# Compare predictions

Here, we'll compare our predictions with those by other authors. 
We'll treat the combination of validation and testing datasets as ground truth and check how well other authors predicted TISs across these data.

## Prerequisites

This notebook requires:
- [hg38.fa]()
- [Our predictions](); either download or go through `predict_5UTR.ipynb`
- "uORF_annotation_hg38.csv" from [Scholtz et. al](https://journals.plos.org/plosone/article?id=10.1371/journal.pone.0222459)
- "Supplemental_Data_Tables_.xlsx" from [McGillivray et. al](https://academic.oup.com/nar/article/46/7/3326/4942470)
- "elife-08890-supp1-v2.xlsx" from [Ji et. al](https://elifesciences.org/articles/08890)

Tables from the papers above can be obtained via [this link](https://drive.google.com/file/d/1o1YhRuF4Dp122NWSmcehiLTwf68jwLnK/view?usp=sharing).
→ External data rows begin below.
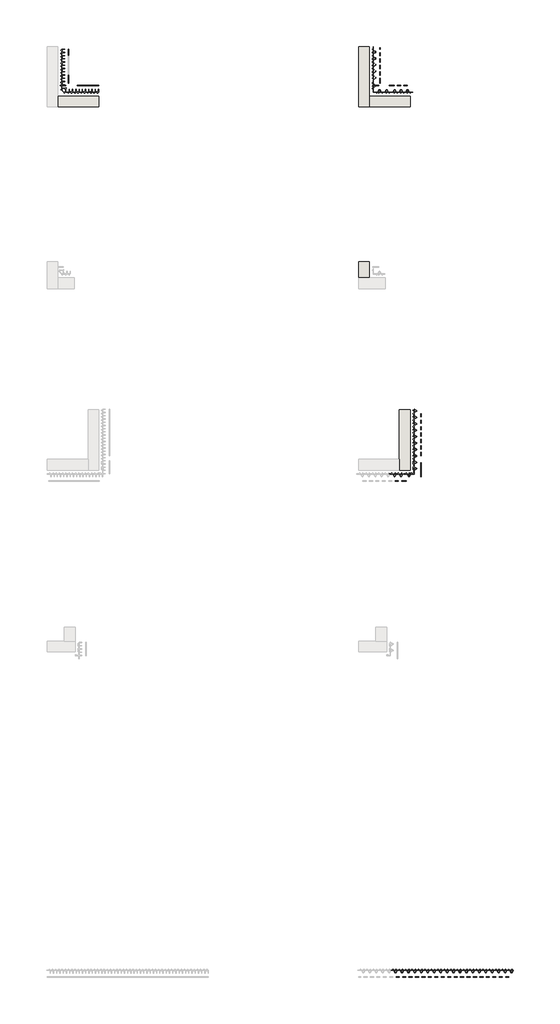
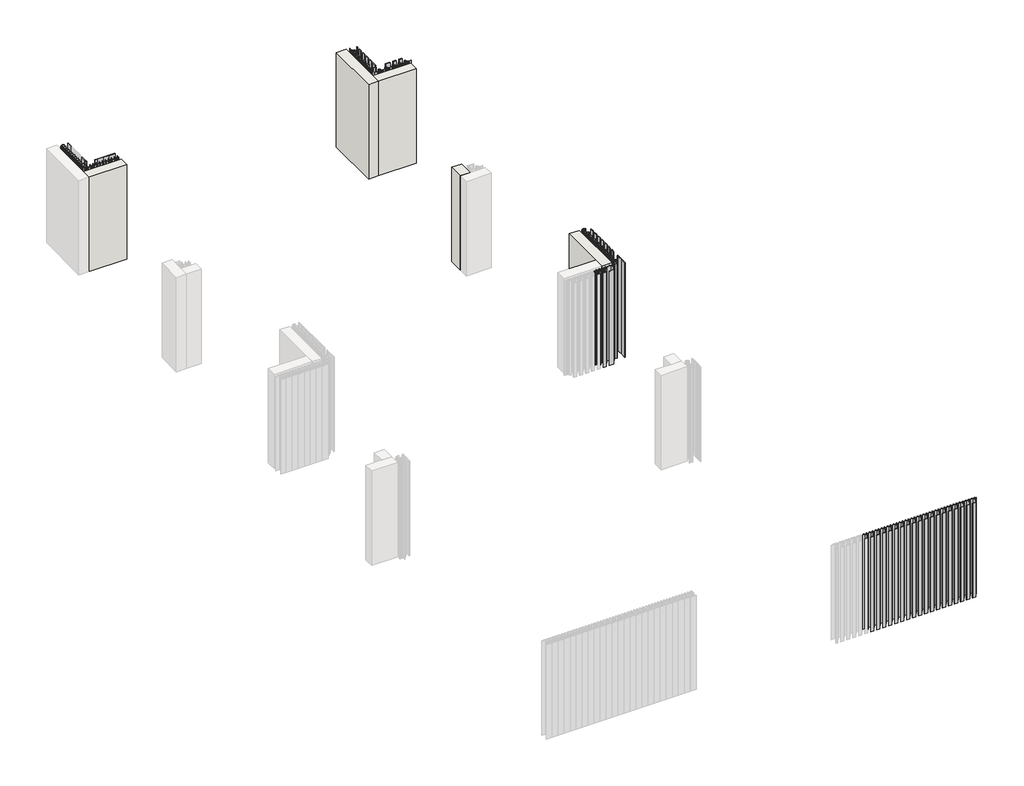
# One storey, part 5 of 5: 57 members, 50 plates, 5 walls.
"""IFC4 building model written with IfcOpenShell, lengths in millimetres."""

from ifc_helpers import new_model, si_unit, origin, origin_with_axes, place, context, project, spatial, polyline, outline, extrude, faceted_brep, transform, mapped, element, save
from components import rectangular_mullion_05be598c, rectangular_mullion_7167efe5, rectangular_mullion_7a3c55a6, rectangular_mullion_3bb5119e, rectangular_mullion_c17fce0e, rectangular_mullion_cac204a1, rectangular_mullion_4ed10c42, rectangular_mullion_8f83e6e3, rectangular_mullion_1797d992, rectangular_mullion_e1f336e5, rectangular_mullion_e9b3b9de, rectangular_mullion_e4d93e6c, rectangular_mullion_2a772050, rectangular_mullion_e46097ff, empty_system_panel_empty_1becab5c, empty_system_panel_empty_1ebb3388, empty_system_panel_empty_e98d4713, empty_system_panel_empty_5cad0f82, empty_system_panel_empty_5dcf6e88, empty_system_panel_empty_f535094f, empty_system_panel_empty_0988e1f0, empty_system_panel_empty_c051c962, empty_system_panel_empty_21c3a13d, empty_system_panel_empty_2f7d46bf, empty_system_panel_empty_e75d21e2, empty_system_panel_empty_5ee57205, empty_system_panel_empty_c6af10a3, empty_system_panel_empty_9846729f, empty_system_panel_empty_fabe9b0d, empty_system_panel_empty_092e5d7a, empty_system_panel_empty_2bdb7733, empty_system_panel_empty_8cb86d33, empty_system_panel_empty_02ad7564

model = new_model("IFC4")

# Units and contexts
model_context = context("Model", 3, world=origin())
ifc_project = project(units=[si_unit("LENGTHUNIT", "METRE", prefix="MILLI")], contexts=[model_context])

# Site, building, storey
site = spatial("IfcSite", under=ifc_project)
building = spatial("IfcBuilding", under=site)
storey = spatial("IfcBuildingStorey", under=building, Name="REN - Ground plan", Elevation=0.0)

# Members
placement = place(None, origin())
rectangular_mullion_shape = rectangular_mullion_05be598c(model_context)
element("IfcMember", 1, ObjectType="Rectangular Mullion : Renson_Linarte_LA-CO-05", at=placement, inside=storey, context=model_context, shape_type="MappedRepresentation", body=[
    mapped(rectangular_mullion_shape, transform((16144.5640554, 10228.1687046, 0.0), x_axis=(0.0, -1.0, 0.0), y_axis=(-1.0, 0.0, 0.0), z_axis=(0.0, 0.0, -1.0))),
])
rectangular_mullion_2_shape = rectangular_mullion_7167efe5(model_context)
element("IfcMember", 2, ObjectType="Rectangular Mullion : Renson_Linarte_LA-CO-02", at=placement, inside=storey, context=model_context, shape_type="MappedRepresentation", body=[
    mapped(rectangular_mullion_2_shape, transform((16144.5640554, 10251.3131464, 1000.0), x_axis=(0.0, 1.0, 0.0), y_axis=(-1.0, 0.0, 0.0), z_axis=(0.0, 0.0, 1.0))),
])
rectangular_mullion_3_shape = rectangular_mullion_7a3c55a6(model_context)
element("IfcMember", 3, ObjectType="Rectangular Mullion : Renson_Linarte_LA-CO-03", at=placement, inside=storey, context=model_context, shape_type="MappedRepresentation", body=[
    mapped(rectangular_mullion_3_shape, transform((16144.5640556, 10127.336759, 0.0), x_axis=(0.0, -1.0, 0.0), y_axis=(-1.0, 0.0, 0.0), z_axis=(0.0, 0.0, -1.0))),
])
rectangular_mullion_4_shape = rectangular_mullion_3bb5119e(model_context)
element("IfcMember", 4, ObjectType="Rectangular Mullion : Renson_Linarte_LA-CO-01", at=placement, inside=storey, context=model_context, shape_type="MappedRepresentation", body=[
    mapped(rectangular_mullion_4_shape, transform((16144.5640555, 10731.3006456, 1000.0), x_axis=(0.0, 1.0, 0.0), y_axis=(-1.0, 0.0, 0.0), z_axis=(0.0, 0.0, 1.0))),
])
element("IfcMember", 5, ObjectType="Rectangular Mullion : Renson_Linarte_LA-CO-01", at=placement, inside=storey, context=model_context, shape_type="MappedRepresentation", body=[
    mapped(rectangular_mullion_4_shape, transform((16149.6640552, 10162.9006947, 1000.0), x_axis=(1.0, 0.0, 0.0), y_axis=(0.0, 1.0, 0.0), z_axis=(0.0, 0.0, 1.0))),
])
element("IfcMember", 6, ObjectType="Rectangular Mullion : Renson_Linarte_LA-CO-01", at=placement, inside=storey, context=model_context, shape_type="MappedRepresentation", body=[
    mapped(rectangular_mullion_4_shape, transform((17104.5640555, 5541.5060851, 1000.0), x_axis=(1.0, 0.0, 0.0), y_axis=(0.0, 1.0, 0.0), z_axis=(0.0, 0.0, 1.0))),
])
element("IfcMember", 7, ObjectType="Rectangular Mullion : Renson_Linarte_LA-CO-01", at=placement, inside=storey, context=model_context, shape_type="MappedRepresentation", body=[
    mapped(rectangular_mullion_4_shape, transform((15909.5640556, 13647.7579432, 1000.0), x_axis=(-1.0, 0.0, 0.0), y_axis=(0.0, -1.0, 0.0), z_axis=(0.0, 0.0, 1.0))),
])
rectangular_mullion_5_shape = rectangular_mullion_c17fce0e(model_context)
element("IfcMember", 8, ObjectType="Rectangular Mullion : Renson_Linarte_LA-CO-04", at=placement, inside=storey, context=model_context, shape_type="MappedRepresentation", body=[
    mapped(rectangular_mullion_5_shape, transform((15789.5640556, 13647.7579432, 1000.0), x_axis=(-1.0, 0.0, 0.0), y_axis=(0.0, -1.0, 0.0), z_axis=(0.0, 0.0, 1.0))),
])
rectangular_mullion_6_shape = rectangular_mullion_cac204a1(model_context)
element("IfcMember", 9, ObjectType="Rectangular Mullion : Renson_Linarte_LA-CO-01", at=placement, inside=storey, context=model_context, shape_type="MappedRepresentation", body=[
    mapped(rectangular_mullion_6_shape, transform((15909.5640556, 13647.7579432, 0.0), x_axis=(1.0, 0.0, 0.0), y_axis=(0.0, -1.0, 0.0), z_axis=(0.0, 0.0, -1.0))),
])
rectangular_mullion_7_shape = rectangular_mullion_4ed10c42(model_context)
element("IfcMember", 10, ObjectType="Rectangular Mullion : Renson_Linarte_LA-CO-01", at=placement, inside=storey, context=model_context, shape_type="MappedRepresentation", body=[
    mapped(rectangular_mullion_7_shape, transform((15764.5640556, 13801.8577763, 0.0), x_axis=(0.0, 1.0, 0.0), y_axis=(1.0, 0.0, 0.0), z_axis=(0.0, 0.0, -1.0))),
])
element("IfcMember", 11, ObjectType="Rectangular Mullion : Renson_Linarte_LA-CO-01", at=placement, inside=storey, context=model_context, shape_type="MappedRepresentation", body=[
    mapped(rectangular_mullion_7_shape, transform((15764.5640556, 13861.8577763, 0.0), x_axis=(0.0, 1.0, 0.0), y_axis=(1.0, 0.0, 0.0), z_axis=(0.0, 0.0, -1.0))),
])
element("IfcMember", 12, ObjectType="Rectangular Mullion : Renson_Linarte_LA-CO-01", at=placement, inside=storey, context=model_context, shape_type="MappedRepresentation", body=[
    mapped(rectangular_mullion_7_shape, transform((15764.5640556, 13921.8577763, 0.0), x_axis=(0.0, 1.0, 0.0), y_axis=(1.0, 0.0, 0.0), z_axis=(0.0, 0.0, -1.0))),
])
element("IfcMember", 13, ObjectType="Rectangular Mullion : Renson_Linarte_LA-CO-01", at=placement, inside=storey, context=model_context, shape_type="MappedRepresentation", body=[
    mapped(rectangular_mullion_7_shape, transform((15764.5640556, 13981.8577763, 0.0), x_axis=(0.0, 1.0, 0.0), y_axis=(1.0, 0.0, 0.0), z_axis=(0.0, 0.0, -1.0))),
])
element("IfcMember", 14, ObjectType="Rectangular Mullion : Renson_Linarte_LA-CO-01", at=placement, inside=storey, context=model_context, shape_type="MappedRepresentation", body=[
    mapped(rectangular_mullion_7_shape, transform((15764.5640556, 14041.8577763, 0.0), x_axis=(0.0, 1.0, 0.0), y_axis=(1.0, 0.0, 0.0), z_axis=(0.0, 0.0, -1.0))),
])
rectangular_mullion_8_shape = rectangular_mullion_8f83e6e3(model_context)
element("IfcMember", 15, ObjectType="Rectangular Mullion : Renson_Linarte_LA-CO-01", at=placement, inside=storey, context=model_context, shape_type="MappedRepresentation", body=[
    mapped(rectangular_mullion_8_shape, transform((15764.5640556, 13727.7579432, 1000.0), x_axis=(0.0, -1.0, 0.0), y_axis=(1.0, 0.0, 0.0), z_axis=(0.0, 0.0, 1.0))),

Unpack the files and place them into the `data` directory (or provide paths manually below).
```
data
|____hg38.fa
|____predictions_5UTR.tsv
|____others
| |____elife-08890-supp1-v2.xlsx
| |____uORF_annotation_hg38.csv
| |____Supplemental_Data_Tables_.xlsx
```

In [30]:
from pathlib import Path

import numpy as np
import pandas as pd
from more_itertools import unzip
from pyliftover import LiftOver
from sklearn.metrics import f1_score, recall_score, precision_score
from tqdm.auto import tqdm
from uBERTa.utils import Ref, reverse_complement

In [2]:
BASE = Path('../data')
BASE.mkdir(exist_ok=True)

REF = BASE / 'hg38.fa'
SCHOLTZ = BASE / 'others' / 'uORF_annotation_hg38.csv'
JI = BASE / 'others' / 'elife-08890-supp1-v2.xlsx'
GIL = BASE / 'others' / 'Supplemental_Data_Tables_.xlsx'
PRED = BASE / 'predictions.tsv'

VALID_START = ('ACG', 'ATC', 'ATG', 'ATT', 'CTG', 'GTG')

In [3]:
ref = Ref(REF)

In [67]:
def fetch_codons(df, ref):
    """
    Given a table with at columns "Chrom", "Start", "Strand", fetch sequences
        of regions [Start, Start + 3] for a each row.
    For "-" strand sequences, take reverse complements.
    """
    handle_seq = lambda seq, strand: (
        seq.upper() if strand == '+' else reverse_complement(seq).upper())
    return [
        handle_seq(
            ref.fetch(chrom, start, start + 3), strand) 
        for _, chrom, start, strand in 
        tqdm(
            df[['Chrom', 'Start', 'Strand']].itertuples(), 
            total=len(df), desc='Fetching')
    ]

def lift_starts(df):
    """
    Lift "Start" coordinates from hg19 to hg38.
    """
    def convert(*args):
        conv_list = lo.convert_coordinate(*args)
        if conv_list:
            return conv_list[0][1]
        return np.nan
    
    lo = LiftOver('hg19', 'hg38')
    return [
        convert(*x[1:]) for x in 
        df[['Chrom', 'Start', 'Strand']].itertuples()]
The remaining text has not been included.